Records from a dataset

____________________

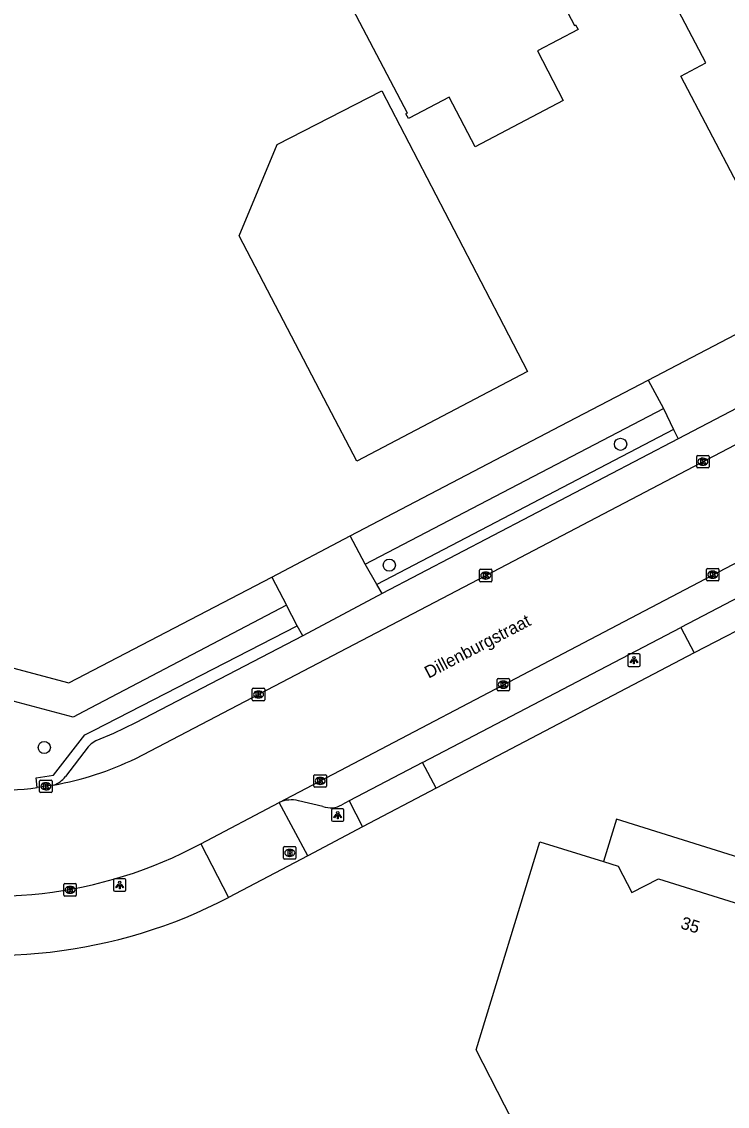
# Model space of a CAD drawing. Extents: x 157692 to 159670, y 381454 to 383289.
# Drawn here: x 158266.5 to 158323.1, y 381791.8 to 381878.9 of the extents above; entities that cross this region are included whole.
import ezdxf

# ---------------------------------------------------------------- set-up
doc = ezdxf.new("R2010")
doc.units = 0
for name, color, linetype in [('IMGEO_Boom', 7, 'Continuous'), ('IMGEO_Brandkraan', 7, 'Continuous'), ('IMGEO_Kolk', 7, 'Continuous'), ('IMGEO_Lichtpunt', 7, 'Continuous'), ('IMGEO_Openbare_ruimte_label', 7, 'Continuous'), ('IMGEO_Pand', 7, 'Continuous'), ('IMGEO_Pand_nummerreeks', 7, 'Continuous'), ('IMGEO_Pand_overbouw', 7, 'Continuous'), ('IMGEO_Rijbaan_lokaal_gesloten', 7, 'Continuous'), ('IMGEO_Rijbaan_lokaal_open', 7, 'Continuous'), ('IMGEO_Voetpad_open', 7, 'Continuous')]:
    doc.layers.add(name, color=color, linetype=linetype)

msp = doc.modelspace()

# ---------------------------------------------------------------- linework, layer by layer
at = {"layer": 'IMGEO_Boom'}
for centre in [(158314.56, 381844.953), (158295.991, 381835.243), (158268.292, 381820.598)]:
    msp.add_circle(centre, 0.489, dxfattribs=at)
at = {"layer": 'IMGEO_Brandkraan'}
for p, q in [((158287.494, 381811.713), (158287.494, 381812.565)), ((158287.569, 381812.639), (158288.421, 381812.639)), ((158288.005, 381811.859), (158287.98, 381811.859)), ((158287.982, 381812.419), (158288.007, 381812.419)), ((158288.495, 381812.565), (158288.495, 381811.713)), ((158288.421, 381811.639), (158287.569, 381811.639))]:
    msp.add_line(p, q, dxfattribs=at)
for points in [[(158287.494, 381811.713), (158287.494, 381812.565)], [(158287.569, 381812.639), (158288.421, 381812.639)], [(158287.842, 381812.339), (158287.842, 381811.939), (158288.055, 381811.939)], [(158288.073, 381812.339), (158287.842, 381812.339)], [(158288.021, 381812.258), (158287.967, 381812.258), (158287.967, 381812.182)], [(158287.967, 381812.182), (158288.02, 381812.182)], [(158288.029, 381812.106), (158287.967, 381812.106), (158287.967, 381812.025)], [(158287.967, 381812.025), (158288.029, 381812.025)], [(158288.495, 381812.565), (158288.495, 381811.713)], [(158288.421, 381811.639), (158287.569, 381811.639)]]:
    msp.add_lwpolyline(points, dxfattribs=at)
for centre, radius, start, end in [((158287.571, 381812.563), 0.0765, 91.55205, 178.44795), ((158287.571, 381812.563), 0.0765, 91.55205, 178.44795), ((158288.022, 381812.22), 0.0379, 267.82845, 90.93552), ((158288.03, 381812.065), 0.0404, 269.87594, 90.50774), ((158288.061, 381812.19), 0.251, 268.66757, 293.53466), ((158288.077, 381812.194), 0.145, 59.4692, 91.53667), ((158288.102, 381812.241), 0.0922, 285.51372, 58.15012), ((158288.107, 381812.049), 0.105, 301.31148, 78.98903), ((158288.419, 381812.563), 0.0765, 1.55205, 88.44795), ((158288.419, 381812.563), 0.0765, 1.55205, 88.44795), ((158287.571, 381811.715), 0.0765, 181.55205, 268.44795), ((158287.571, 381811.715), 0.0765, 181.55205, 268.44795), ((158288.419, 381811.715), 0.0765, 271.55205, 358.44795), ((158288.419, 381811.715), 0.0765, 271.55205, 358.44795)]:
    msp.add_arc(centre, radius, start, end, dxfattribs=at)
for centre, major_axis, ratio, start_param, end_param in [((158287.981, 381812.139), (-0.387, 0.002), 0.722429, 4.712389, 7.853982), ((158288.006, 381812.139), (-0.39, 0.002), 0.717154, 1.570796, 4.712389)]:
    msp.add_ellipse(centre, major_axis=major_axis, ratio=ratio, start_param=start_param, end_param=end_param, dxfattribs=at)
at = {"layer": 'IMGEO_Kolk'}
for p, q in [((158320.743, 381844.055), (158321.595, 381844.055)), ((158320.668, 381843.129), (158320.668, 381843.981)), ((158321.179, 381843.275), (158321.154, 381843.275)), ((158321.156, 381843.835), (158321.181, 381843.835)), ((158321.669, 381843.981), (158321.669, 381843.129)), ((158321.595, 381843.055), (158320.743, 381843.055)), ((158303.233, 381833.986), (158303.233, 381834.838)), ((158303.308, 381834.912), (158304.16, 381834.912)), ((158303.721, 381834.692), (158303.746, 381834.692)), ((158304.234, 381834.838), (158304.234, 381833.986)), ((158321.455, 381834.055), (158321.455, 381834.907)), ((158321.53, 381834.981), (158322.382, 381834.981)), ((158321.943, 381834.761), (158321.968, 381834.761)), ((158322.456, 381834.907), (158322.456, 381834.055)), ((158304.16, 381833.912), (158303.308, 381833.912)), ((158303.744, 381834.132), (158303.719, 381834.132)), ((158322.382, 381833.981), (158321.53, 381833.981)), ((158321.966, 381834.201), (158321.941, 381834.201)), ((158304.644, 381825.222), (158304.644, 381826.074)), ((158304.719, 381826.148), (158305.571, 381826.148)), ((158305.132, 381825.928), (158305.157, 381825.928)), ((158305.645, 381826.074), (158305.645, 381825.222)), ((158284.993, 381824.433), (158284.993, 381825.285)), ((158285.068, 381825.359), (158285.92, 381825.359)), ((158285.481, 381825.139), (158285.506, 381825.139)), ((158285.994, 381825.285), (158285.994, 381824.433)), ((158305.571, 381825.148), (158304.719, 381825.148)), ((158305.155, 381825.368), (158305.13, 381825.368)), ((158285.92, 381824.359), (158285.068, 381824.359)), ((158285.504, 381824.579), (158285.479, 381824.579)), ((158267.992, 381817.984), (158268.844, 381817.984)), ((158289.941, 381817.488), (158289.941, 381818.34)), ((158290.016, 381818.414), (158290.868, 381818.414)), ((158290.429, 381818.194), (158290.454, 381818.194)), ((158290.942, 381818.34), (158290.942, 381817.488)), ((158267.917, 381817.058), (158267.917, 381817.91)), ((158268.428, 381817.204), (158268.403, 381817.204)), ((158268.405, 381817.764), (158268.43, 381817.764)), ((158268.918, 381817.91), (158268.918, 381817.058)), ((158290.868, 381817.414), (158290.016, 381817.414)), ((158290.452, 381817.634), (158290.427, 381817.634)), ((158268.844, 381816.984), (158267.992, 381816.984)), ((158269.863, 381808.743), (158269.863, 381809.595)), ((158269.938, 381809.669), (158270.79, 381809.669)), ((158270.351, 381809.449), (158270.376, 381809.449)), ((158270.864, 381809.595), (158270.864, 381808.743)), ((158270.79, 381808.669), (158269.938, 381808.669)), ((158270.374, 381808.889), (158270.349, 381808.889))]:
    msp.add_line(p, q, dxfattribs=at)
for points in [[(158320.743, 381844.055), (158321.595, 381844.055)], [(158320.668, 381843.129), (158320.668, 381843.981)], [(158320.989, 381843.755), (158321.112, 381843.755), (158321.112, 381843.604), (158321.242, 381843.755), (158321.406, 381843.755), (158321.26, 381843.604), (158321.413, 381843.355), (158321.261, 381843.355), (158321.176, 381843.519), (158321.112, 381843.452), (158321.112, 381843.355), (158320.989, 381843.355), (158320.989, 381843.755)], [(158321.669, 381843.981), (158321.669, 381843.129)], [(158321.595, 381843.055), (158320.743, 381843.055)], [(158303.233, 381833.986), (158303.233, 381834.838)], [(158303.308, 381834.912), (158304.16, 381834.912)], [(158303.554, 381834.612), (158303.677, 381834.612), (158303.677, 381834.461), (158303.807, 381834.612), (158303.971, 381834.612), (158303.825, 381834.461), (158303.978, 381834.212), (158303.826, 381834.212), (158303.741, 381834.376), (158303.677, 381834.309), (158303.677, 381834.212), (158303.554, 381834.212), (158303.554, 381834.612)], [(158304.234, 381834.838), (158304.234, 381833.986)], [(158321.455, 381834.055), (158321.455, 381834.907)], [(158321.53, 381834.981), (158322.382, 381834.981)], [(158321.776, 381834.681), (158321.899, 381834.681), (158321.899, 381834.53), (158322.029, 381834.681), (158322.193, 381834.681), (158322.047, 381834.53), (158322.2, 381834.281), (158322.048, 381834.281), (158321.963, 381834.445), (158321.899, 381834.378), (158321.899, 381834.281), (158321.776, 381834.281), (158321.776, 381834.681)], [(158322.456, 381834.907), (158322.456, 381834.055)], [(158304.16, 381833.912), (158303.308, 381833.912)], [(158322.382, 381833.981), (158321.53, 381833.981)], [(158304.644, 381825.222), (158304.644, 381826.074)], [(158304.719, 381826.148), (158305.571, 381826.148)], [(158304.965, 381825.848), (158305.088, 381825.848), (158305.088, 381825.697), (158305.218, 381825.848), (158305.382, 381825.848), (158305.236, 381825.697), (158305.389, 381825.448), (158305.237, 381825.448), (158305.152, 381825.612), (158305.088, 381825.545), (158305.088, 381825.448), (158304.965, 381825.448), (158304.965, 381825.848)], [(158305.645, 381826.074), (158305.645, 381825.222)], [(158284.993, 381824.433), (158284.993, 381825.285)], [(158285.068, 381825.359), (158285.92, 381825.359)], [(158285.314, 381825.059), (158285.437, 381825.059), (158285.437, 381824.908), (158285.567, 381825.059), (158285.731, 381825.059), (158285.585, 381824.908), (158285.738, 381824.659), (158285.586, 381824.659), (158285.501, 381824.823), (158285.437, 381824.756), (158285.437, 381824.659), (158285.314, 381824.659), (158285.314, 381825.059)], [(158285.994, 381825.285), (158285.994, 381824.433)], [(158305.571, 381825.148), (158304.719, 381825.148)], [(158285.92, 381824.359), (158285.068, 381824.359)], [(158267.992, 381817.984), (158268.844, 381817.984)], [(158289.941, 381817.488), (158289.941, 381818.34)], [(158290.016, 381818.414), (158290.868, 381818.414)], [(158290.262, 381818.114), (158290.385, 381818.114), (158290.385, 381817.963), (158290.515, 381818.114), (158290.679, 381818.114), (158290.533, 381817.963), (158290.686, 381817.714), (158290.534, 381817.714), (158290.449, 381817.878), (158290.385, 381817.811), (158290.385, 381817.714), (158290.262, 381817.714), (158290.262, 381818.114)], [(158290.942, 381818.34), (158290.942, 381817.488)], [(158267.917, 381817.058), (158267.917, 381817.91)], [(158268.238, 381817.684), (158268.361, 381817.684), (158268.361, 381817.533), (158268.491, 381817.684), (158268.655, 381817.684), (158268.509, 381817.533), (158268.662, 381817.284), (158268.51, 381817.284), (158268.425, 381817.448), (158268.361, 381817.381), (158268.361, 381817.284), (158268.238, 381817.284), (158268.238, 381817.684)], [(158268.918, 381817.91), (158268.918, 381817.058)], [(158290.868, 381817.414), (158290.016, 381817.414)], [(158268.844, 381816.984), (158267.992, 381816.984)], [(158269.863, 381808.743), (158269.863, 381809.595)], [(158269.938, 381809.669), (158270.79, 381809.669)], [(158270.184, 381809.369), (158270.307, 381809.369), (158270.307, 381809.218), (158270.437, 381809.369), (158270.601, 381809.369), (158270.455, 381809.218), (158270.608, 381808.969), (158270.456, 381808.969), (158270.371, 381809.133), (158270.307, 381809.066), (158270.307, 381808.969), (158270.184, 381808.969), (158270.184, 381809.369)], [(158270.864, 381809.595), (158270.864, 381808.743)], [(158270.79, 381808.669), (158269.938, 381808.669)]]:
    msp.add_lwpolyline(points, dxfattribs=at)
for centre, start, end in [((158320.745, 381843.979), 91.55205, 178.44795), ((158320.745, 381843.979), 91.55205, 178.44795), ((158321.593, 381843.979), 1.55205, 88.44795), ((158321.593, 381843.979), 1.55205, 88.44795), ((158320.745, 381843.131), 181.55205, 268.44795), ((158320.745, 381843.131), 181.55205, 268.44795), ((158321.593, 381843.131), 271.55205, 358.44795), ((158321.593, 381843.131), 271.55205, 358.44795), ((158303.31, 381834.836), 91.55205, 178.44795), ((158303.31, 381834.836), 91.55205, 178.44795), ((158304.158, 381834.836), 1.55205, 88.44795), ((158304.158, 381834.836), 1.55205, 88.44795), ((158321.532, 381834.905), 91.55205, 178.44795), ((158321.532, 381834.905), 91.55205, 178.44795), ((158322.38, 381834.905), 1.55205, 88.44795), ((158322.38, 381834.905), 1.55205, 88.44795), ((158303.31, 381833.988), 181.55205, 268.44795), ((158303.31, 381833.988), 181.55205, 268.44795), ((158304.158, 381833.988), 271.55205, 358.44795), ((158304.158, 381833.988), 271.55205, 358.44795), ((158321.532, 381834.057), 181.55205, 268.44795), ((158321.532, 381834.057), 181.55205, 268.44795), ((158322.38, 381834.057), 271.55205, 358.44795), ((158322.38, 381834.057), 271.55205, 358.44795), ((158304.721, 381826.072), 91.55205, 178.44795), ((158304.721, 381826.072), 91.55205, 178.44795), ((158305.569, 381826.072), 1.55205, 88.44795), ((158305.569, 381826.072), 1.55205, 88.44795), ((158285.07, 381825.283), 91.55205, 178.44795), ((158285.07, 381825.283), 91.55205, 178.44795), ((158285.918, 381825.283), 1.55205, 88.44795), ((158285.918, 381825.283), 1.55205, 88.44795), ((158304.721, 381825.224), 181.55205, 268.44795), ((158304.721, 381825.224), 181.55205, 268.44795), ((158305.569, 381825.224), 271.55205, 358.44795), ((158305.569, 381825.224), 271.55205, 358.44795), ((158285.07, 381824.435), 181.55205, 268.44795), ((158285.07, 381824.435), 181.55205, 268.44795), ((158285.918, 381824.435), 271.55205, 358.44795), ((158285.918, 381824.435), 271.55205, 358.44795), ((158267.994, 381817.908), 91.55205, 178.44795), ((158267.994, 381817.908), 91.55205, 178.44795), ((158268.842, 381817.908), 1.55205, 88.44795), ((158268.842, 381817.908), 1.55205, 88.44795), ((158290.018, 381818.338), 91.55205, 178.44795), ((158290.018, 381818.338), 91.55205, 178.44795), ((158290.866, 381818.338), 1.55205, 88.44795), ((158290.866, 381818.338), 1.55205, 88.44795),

____________________

● **WORK REQUEST**: Could you restate, word for word, the lines above from the one with "doc.layers.add(name, color=color, linetype=linetype)" to the one with "msp.add_circle(centre, 0.489, dxfattribs=at)", both included?

● **TASK ANSWER**:
    doc.layers.add(name, color=color, linetype=linetype)

msp = doc.modelspace()

# ---------------------------------------------------------------- linework, layer by layer
at = {"layer": 'IMGEO_Boom'}
for centre in [(158314.56, 381844.953), (158295.991, 381835.243), (158268.292, 381820.598)]:
    msp.add_circle(centre, 0.489, dxfattribs=at)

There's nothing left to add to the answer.